There has been a LOT of controversy over my comments and my beliefs. However, this story isn't about a rant about things, this is one serious question I am here to ask and why I want and need answers. Am I able to sense spirit or am I just really sensitive?
I will start from the beginning then explain all the way through until today (16/12/2013).
I can't remember how old I was when I had my first REAL experience that I can remember. Me and my little sister were messing around in the kitchen. We took a break and sat down to have a glass of water, I heard a bang. It didn't come from me nor my sister. It came from across the room. Obviously, my sister being only little and not wanting to scare her, I said it was me.
My second experience (that I can remember) was last year (I was 12).

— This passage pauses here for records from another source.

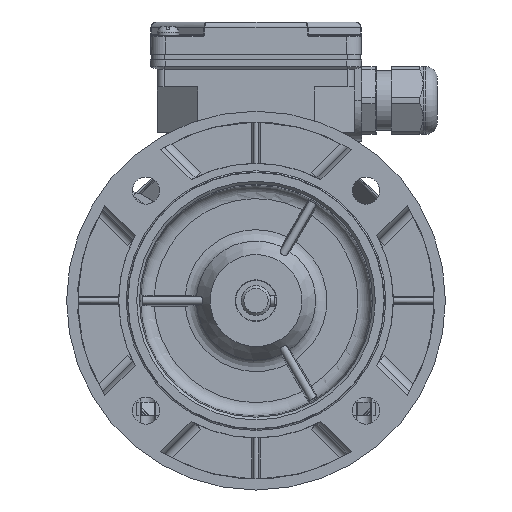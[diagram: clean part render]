
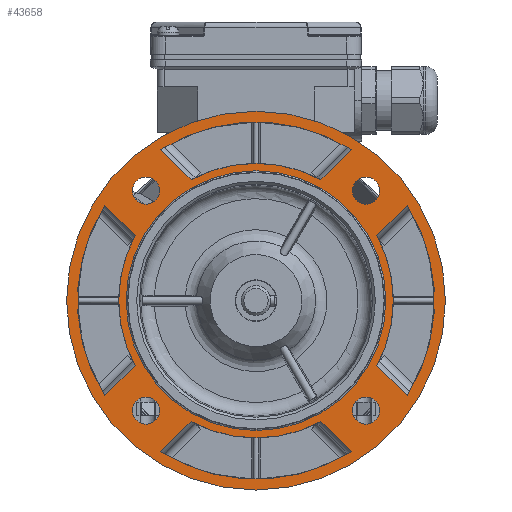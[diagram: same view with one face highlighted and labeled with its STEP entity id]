
A CAD part, left-side view. The second image highlights one B-rep face of the part: STEP entity #43658.
In plain terms, the highlighted planar face has unit normal (-1, 0, 0).
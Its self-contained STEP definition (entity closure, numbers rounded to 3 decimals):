
#2805=CIRCLE('',#46249,70.);
#2806=CIRCLE('',#46252,50.75);
#2807=CIRCLE('',#46255,66.);
#2808=CIRCLE('',#46258,50.75);
#2809=CIRCLE('',#46261,66.);
#2810=CIRCLE('',#46264,50.75);
#2811=CIRCLE('',#46267,66.);
#2812=CIRCLE('',#46270,66.);
#2813=CIRCLE('',#46273,50.75);
#2814=CIRCLE('',#46275,5.);
#2815=CIRCLE('',#46277,5.);
#2816=CIRCLE('',#46279,5.);
#2817=CIRCLE('',#46281,5.);
#2850=CIRCLE('',#46353,48.);
#9600=ORIENTED_EDGE('',*,*,#15775,.F.);
#9601=ORIENTED_EDGE('',*,*,#15774,.F.);
#9602=ORIENTED_EDGE('',*,*,#15773,.F.);
#9603=ORIENTED_EDGE('',*,*,#15772,.F.);
#9604=ORIENTED_EDGE('',*,*,#15771,.T.);
#9605=ORIENTED_EDGE('',*,*,#15770,.F.);
#9606=ORIENTED_EDGE('',*,*,#15767,.F.);
#9607=ORIENTED_EDGE('',*,*,#15766,.T.);
#9608=ORIENTED_EDGE('',*,*,#15763,.F.);
#9609=ORIENTED_EDGE('',*,*,#15762,.T.);
#9610=ORIENTED_EDGE('',*,*,#15759,.T.);
#9611=ORIENTED_EDGE('',*,*,#15757,.F.);
#9612=ORIENTED_EDGE('',*,*,#15755,.F.);
#9613=ORIENTED_EDGE('',*,*,#15754,.T.);
#9614=ORIENTED_EDGE('',*,*,#15751,.T.);
#9615=ORIENTED_EDGE('',*,*,#15749,.F.);
#9616=ORIENTED_EDGE('',*,*,#15747,.F.);
#9617=ORIENTED_EDGE('',*,*,#15746,.T.);
#9618=ORIENTED_EDGE('',*,*,#15743,.T.);
#9619=ORIENTED_EDGE('',*,*,#15741,.F.);
#9620=ORIENTED_EDGE('',*,*,#15739,.T.);
#9621=ORIENTED_EDGE('',*,*,#15855,.T.);
#15739=EDGE_CURVE('',#19394,#19394,#2805,.T.);
#15741=EDGE_CURVE('',#19395,#19396,#22277,.T.);
#15743=EDGE_CURVE('',#19397,#19396,#2806,.T.);
#15746=EDGE_CURVE('',#19398,#19397,#22278,.T.);
#15747=EDGE_CURVE('',#19398,#19395,#2807,.T.);
#15749=EDGE_CURVE('',#19399,#19400,#22279,.T.);
#15751=EDGE_CURVE('',#19401,#19400,#2808,.T.);
#15754=EDGE_CURVE('',#19402,#19401,#22280,.T.);
#15755=EDGE_CURVE('',#19402,#19399,#2809,.T.);
#15757=EDGE_CURVE('',#19403,#19404,#22281,.T.);
#15759=EDGE_CURVE('',#19405,#19404,#2810,.T.);
#15762=EDGE_CURVE('',#19406,#19405,#22282,.T.);
#15763=EDGE_CURVE('',#19406,#19403,#2811,.T.);
#15766=EDGE_CURVE('',#19407,#19408,#22283,.T.);
#15767=EDGE_CURVE('',#19407,#19409,#2812,.T.);
#15770=EDGE_CURVE('',#19409,#19410,#22284,.T.);
#15771=EDGE_CURVE('',#19408,#19410,#2813,.T.);
#15772=EDGE_CURVE('',#19411,#19411,#2814,.T.);
#15773=EDGE_CURVE('',#19412,#19412,#2815,.T.);
#15774=EDGE_CURVE('',#19413,#19413,#2816,.T.);
#15775=EDGE_CURVE('',#19414,#19414,#2817,.T.);
#15855=EDGE_CURVE('',#19477,#19477,#2850,.F.);
#19394=VERTEX_POINT('',#65541);
#19395=VERTEX_POINT('',#65547);
#19396=VERTEX_POINT('',#65549);
#19397=VERTEX_POINT('',#65556);
#19398=VERTEX_POINT('',#65566);
#19399=VERTEX_POINT('',#65575);
#19400=VERTEX_POINT('',#65577);
#19401=VERTEX_POINT('',#65584);
#19402=VERTEX_POINT('',#65594);
#19403=VERTEX_POINT('',#65603);
#19404=VERTEX_POINT('',#65605);
#19405=VERTEX_POINT('',#65612);
#19406=VERTEX_POINT('',#65622);
#19407=VERTEX_POINT('',#65631);
#19408=VERTEX_POINT('',#65636);
#19409=VERTEX_POINT('',#65640);
#19410=VERTEX_POINT('',#65650);
#19411=VERTEX_POINT('',#65656);
#19412=VERTEX_POINT('',#65659);
#19413=VERTEX_POINT('',#65662);
#19414=VERTEX_POINT('',#65665);
#19477=VERTEX_POINT('',#65847);
#22277=LINE('',#65548,#24545);
#22278=LINE('',#65567,#24546);
#22279=LINE('',#65576,#24547);
#22280=LINE('',#65595,#24548);
#22281=LINE('',#65604,#24549);
#22282=LINE('',#65623,#24550);
#22283=LINE('',#65637,#24551);
#22284=LINE('',#65651,#24552);
#24545=VECTOR('',#53251,1000.);
#24546=VECTOR('',#53258,1000.);
#24547=VECTOR('',#53265,1000.);
#24548=VECTOR('',#53272,1000.);
#24549=VECTOR('',#53279,1000.);
#24550=VECTOR('',#53286,1000.);
#24551=VECTOR('',#53293,1000.);
#24552=VECTOR('',#53300,1000.);
#26454=EDGE_LOOP('',(#9600));
#26455=EDGE_LOOP('',(#9601));
#26456=EDGE_LOOP('',(#9602));
#26457=EDGE_LOOP('',(#9603));
#26458=EDGE_LOOP('',(#9604,#9605,#9606,#9607));
#26459=EDGE_LOOP('',(#9608,#9609,#9610,#9611));
#26460=EDGE_LOOP('',(#9612,#9613,#9614,#9615));
#26461=EDGE_LOOP('',(#9616,#9617,#9618,#9619));
#26462=EDGE_LOOP('',(#9620));
#26463=EDGE_LOOP('',(#9621));
#28592=FACE_BOUND('',#26454,.T.);
#28593=FACE_BOUND('',#26455,.T.);
#28594=FACE_BOUND('',#26456,.T.);
#28595=FACE_BOUND('',#26457,.T.);
#28596=FACE_BOUND('',#26458,.T.);
#28597=FACE_BOUND('',#26459,.T.);
#28598=FACE_BOUND('',#26460,.T.);
#28599=FACE_BOUND('',#26461,.T.);
#28600=FACE_BOUND('',#26462,.T.);
#28601=FACE_BOUND('',#26463,.T.);
#29957=PLANE('',#46352);
#43658=ADVANCED_FACE('',(#28592,#28593,#28594,#28595,#28596,#28597,#28598,
#28599,#28600,#28601),#29957,.T.);
#46249=AXIS2_PLACEMENT_3D('',#65540,#53247,#53248);
#46252=AXIS2_PLACEMENT_3D('',#65555,#53254,#53255);
#46255=AXIS2_PLACEMENT_3D('',#65569,#53261,#53262);
#46258=AXIS2_PLACEMENT_3D('',#65583,#53268,#53269);
#46261=AXIS2_PLACEMENT_3D('',#65597,#53275,#53276);
#46264=AXIS2_PLACEMENT_3D('',#65611,#53282,#53283);
#46267=AXIS2_PLACEMENT_3D('',#65625,#53289,#53290);
#46270=AXIS2_PLACEMENT_3D('',#65639,#53296,#53297);
#46273=AXIS2_PLACEMENT_3D('',#65653,#53303,#53304);
#46275=AXIS2_PLACEMENT_3D('',#65655,#53307,#53308);
#46277=AXIS2_PLACEMENT_3D('',#65658,#53311,#53312);
#46279=AXIS2_PLACEMENT_3D('',#65661,#53315,#53316);
#46281=AXIS2_PLACEMENT_3D('',#65664,#53319,#53320);
#46352=AXIS2_PLACEMENT_3D('',#65845,#53508,#53509);
#46353=AXIS2_PLACEMENT_3D('',#65846,#53510,#53511);
#53247=DIRECTION('',(-1.,0.,0.));
#53248=DIRECTION('',(0.,-1.,0.));
#53251=DIRECTION('',(0.,0.707,0.707));
#53254=DIRECTION('',(-1.,0.,0.));
#53255=DIRECTION('',(0.,-1.,0.));
#53258=DIRECTION('',(0.,-0.707,0.707));
#53261=DIRECTION('',(-1.,0.,0.));
#53262=DIRECTION('',(0.,-1.,0.));
#53265=DIRECTION('',(0.,-0.707,0.707));
#53268=DIRECTION('',(-1.,0.,0.));
#53269=DIRECTION('',(0.,-1.,0.));
#53272=DIRECTION('',(0.,-0.707,-0.707));
#53275=DIRECTION('',(-1.,0.,0.));
#53276=DIRECTION('',(0.,-1.,0.));
#53279=DIRECTION('',(0.,-0.707,-0.707));
#53282=DIRECTION('',(-1.,0.,0.));
#53283=DIRECTION('',(0.,-1.,0.));
#53286=DIRECTION('',(0.,0.707,-0.707));
#53289=DIRECTION('',(-1.,0.,0.));
#53290=DIRECTION('',(0.,-1.,0.));
#53293=DIRECTION('',(0.,0.707,0.707));
#53296=DIRECTION('',(-1.,0.,0.));
#53297=DIRECTION('',(0.,-1.,0.));
#53300=DIRECTION('',(0.,0.707,-0.707));
#53303=DIRECTION('',(-1.,0.,0.));
#53304=DIRECTION('',(0.,-1.,0.));
#53307=DIRECTION('',(-1.,0.,0.));
#53308=DIRECTION('',(0.,-1.,0.));
#53311=DIRECTION('',(-1.,0.,0.));
#53312=DIRECTION('',(0.,0.,-1.));
#53315=DIRECTION('',(-1.,0.,0.));
#53316=DIRECTION('',(0.,1.,0.));
#53319=DIRECTION('',(-1.,0.,0.));
#53320=DIRECTION('',(0.,0.,1.));
#53508=DIRECTION('',(-1.,0.,0.));
#53509=DIRECTION('',(0.,-1.,0.));
#53510=DIRECTION('',(-1.,0.,0.));
#53511=DIRECTION('',(0.,-1.,0.));
#65540=CARTESIAN_POINT('',(-77.,0.,0.));
#65541=CARTESIAN_POINT('',(-77.,-70.,0.));
#65547=CARTESIAN_POINT('',(-77.,-35.168,-55.85));
#65548=CARTESIAN_POINT('',(-77.,-41.278,-61.959));
#65549=CARTESIAN_POINT('',(-77.,-24.023,-44.704));
#65555=CARTESIAN_POINT('',(-77.,0.,0.));
#65556=CARTESIAN_POINT('',(-77.,24.023,-44.704));
#65566=CARTESIAN_POINT('',(-77.,35.168,-55.85));
#65567=CARTESIAN_POINT('',(-77.,41.278,-61.959));
#65569=CARTESIAN_POINT('',(-77.,0.,0.));
#65575=CARTESIAN_POINT('',(-77.,55.85,-35.168));
#65576=CARTESIAN_POINT('',(-77.,61.959,-41.278));
#65577=CARTESIAN_POINT('',(-77.,44.704,-24.023));
#65583=CARTESIAN_POINT('',(-77.,0.,0.));
#65584=CARTESIAN_POINT('',(-77.,44.704,24.023));
#65594=CARTESIAN_POINT('',(-77.,55.85,35.168));
#65595=CARTESIAN_POINT('',(-77.,61.959,41.278));
#65597=CARTESIAN_POINT('',(-77.,0.,0.));
#65603=CARTESIAN_POINT('',(-77.,35.168,55.85));
#65604=CARTESIAN_POINT('',(-77.,41.278,61.959));
#65605=CARTESIAN_POINT('',(-77.,24.023,44.704));
#65611=CARTESIAN_POINT('',(-77.,0.,0.));
#65612=CARTESIAN_POINT('',(-77.,-24.023,44.704));
#65622=CARTESIAN_POINT('',(-77.,-35.168,55.85));
#65623=CARTESIAN_POINT('',(-77.,-41.278,61.959));
#65625=CARTESIAN_POINT('',(-77.,0.,0.));
#65631=CARTESIAN_POINT('',(-77.,-55.85,-35.168));
#65636=CARTESIAN_POINT('',(-77.,-44.704,-24.023));
#65637=CARTESIAN_POINT('',(-77.,-61.959,-41.278));
#65639=CARTESIAN_POINT('',(-77.,0.,0.));
#65640=CARTESIAN_POINT('',(-77.,-55.85,35.168));
#65650=CARTESIAN_POINT('',(-77.,-44.704,24.023));
#65651=CARTESIAN_POINT('',(-77.,-61.959,41.278));
#65653=CARTESIAN_POINT('',(-77.,0.,0.));
#65655=CARTESIAN_POINT('',(-77.,-40.659,40.659));
#65656=CARTESIAN_POINT('',(-77.,-45.659,40.659));
#65658=CARTESIAN_POINT('',(-77.,-40.659,-40.659));
#65659=CARTESIAN_POINT('',(-77.,-40.659,-45.659));
#65661=CARTESIAN_POINT('',(-77.,40.659,-40.659));
#65662=CARTESIAN_POINT('',(-77.,45.659,-40.659));
#65664=CARTESIAN_POINT('',(-77.,40.659,40.659));
#65665=CARTESIAN_POINT('',(-77.,40.659,45.659));
#65845=CARTESIAN_POINT('',(-77.,47.5,0.));
#65846=CARTESIAN_POINT('',(-77.,0.,0.));
#65847=CARTESIAN_POINT('',(-77.,-48.,0.));

I was at school and I was walking down the staircase alone, I felt a feeling that I had never had before and it wasn't a good feeling. It felt awkward and unpleasant and I really disliked it. I felt as if I was getting watched and as I was walking down the last few steps I was pushed, pushed so hard I fell. I was not injured of any sort. I just felt shocked. In addition, I get this feeling before I hear or experience something.
Now, not so ghostly but more predicty or knowy; I know when something good or bad is going to happen. This story is more feminine for all of the male readers. This is going to be a two experience in one.
I am 13 and this happened over a month ago (16/11/13) (not my most recent experience). On the 15th, I had a dream a lady problem dream. I dreamed I got my first period. It was the best dream ever for maturing teenager. The following day, I got the feeling at about 12pm that something was going to happen and it was a mixed feeling. At about 2:30 that day, I found out I had started when I was going to get changed into my swim suit because I was swimming with the cadets. Bizarre right?
I get this feeling a lot. My most recent experience I don't like to talk about because it is very weird and I really don't understand it myself and its not pleasant.